Authors:
Historic Era: Era 7: The Emergence of Modern America (1890-1930)
Historic Theme:
Subject:
Spring 2011 | Volume 61, Issue 1
Authors:
Historic Era: Era 7: The Emergence of Modern America (1890-1930)
Historic Theme:
Subject:
Spring 2011 | Volume 61, Issue 1
In these letters, we encounter 18-year-old Elizabeth “Bess” Corey, a plucky school teacher in rural Tennant, Iowa, at the turn of the 20th century. Her homespun epistles, redolent with frontier eloquence and rife with misspellings, speak of homesickness and the joys and challenges of teaching in a one-room schoolhouse. “Yes I’d give a ‘lick’ at my piece of candy to be home long enough to can 60 qts of pieplant,” she ends one note to her mother.
Her irrepressible optimism burns steadily and brightly, even as she writes about nearly freezing to death on her way home during a snowstorm. Her enthusiastic, gossipy letter writing gives us an unusual look into rural America at about the same time that the Wright brothers were introducing their world-shattering invention.

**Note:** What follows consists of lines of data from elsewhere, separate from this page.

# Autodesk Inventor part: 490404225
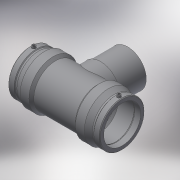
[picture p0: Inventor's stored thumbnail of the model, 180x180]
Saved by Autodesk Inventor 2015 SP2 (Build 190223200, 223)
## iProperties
Created: 2017-06
Part Number: 490404225
Material: Generic
Description: PLASSON TEE 225-225-225
Document SubType Name: Modeling
Designer: KIM
Mass: 12818 g
Surface Area: 10114.6 cm^2
Volume: 12818 cm^3
Density: 1 g/cm^3
Appearance: Default
Author: KIM
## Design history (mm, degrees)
derived "490404.ipt"
feature "Solid1::490404.ipt"
tag "TaggingFeature1"
body "Solid1"
other parameters: "d0" = 494, "d1" = 225, "d2" = 293, "d3" = 122, "d4" = 123.5, "d5" = 263.7, "d6" = 213.75, "d7" = 225, "d8" = 168 deg, "d10" = 48.8, "d11" = 16.26667, "d13" = 494, "d14" = 17.6296, "d17" = 202.5, "d18" = 225, "d19" = 3.52592, "d20" = 168 deg, "d22" = 272.49, "d23" = 293, "d24" = 264.3153, "d25" = 135 deg, "d26" = 345.8, "d27" = 135 deg, "d30" = 15, "d31" = 197.6, "d34" = 5 deg, "d35" = 15, "d39" = 5 deg, "d40" = 9.6, "d41" = 4.8, "d42" = 6, "d43" = 0, "d45" = 4, "d46" = 14, "d47" = 0, "d49" = 225, "d51" = 0, "d54" = 0, "d55" = 263.7, "d56" = 293, "d57" = 172.9, "d58" = 135 deg, "d59" = 122, "d60" = 122, "d61" = 135 deg, "d72" = 242.06, "d73" = 121.03, "d75" = 236.25, "d77" = 0, "d80" = 0, "d81" = 225, "d82" = 143.5, "d83" = 0, "d84" = 3, "d85" = 0, "d86" = 3, "d87" = 0, "d88" = 35.38, "d89" = 8.845, "d90" = 35.38, "d_" = 225, "L_" = 494, "L_1" = 122, "D_" = 293, "d_2" = 12

Bess makes the best of the limited opportunities facing a young rural woman then. The untimely death of her father in 1905 had left her and her siblings scrambling to keep the mortgage paid on their family’s southwestern Iowa farm. Brothers Fuller and Rob tended the crops and livestock while Bess sought a teaching degree, which she would soon win, although her own education had ended at the ninth grade. At that time, only about two in ten high school–age American youth attended school. She would become a competent teacher, although she wouldn’t earn her high school degree until 1927, more than two decades after she had begun teaching.
Bess’s treasure trove of letters came to Philip Gerber, a professor of English at the State University of New York’s College at Brockport in 1989 by way of Bess’s only surviving sibling, Paul Corey. The first cache of letters was published in Bachelor Bess: The Homesteading Letters of Elizabeth Corey, 1909–1919, edited by Philip L. Gerber (University of Iowa Press, 1990). When Gerber died in 2005, University of Iowa Press managing editor Charlotte M. Wright took over editing the second volume, An Iowa Schoolma’am: Letters of Elizabeth “Bess” Corey, 1904–1908, which will be released this spring, and from which the following letters were taken.
The following documents her first year of teaching, from her first encounter with the school through to her hosting of the year-end picnic with several other schools. At 21, Bess would stake her own claim to a South Dakota homestead, continue her teaching, and write many more letters home.
Bess is an authentic American voice.
—John F. Ross
September 10, 1905
Tennant, Iowa
Dear Ma and the rest,
My SchoolHouse is a dandy. it is not quite as large as the one at home. It had a new floor put in last spring and the entire inside including ceiling is wainscoated It has been painted inside and out as I had been told that it would be. It faces the west, has three windows on each side, no halls and it has an organ, globe, a number of good maps and all the oldest seats have been replaced with new ones.
The school yard is fenced with a board fence on three sides but open t’ward the road.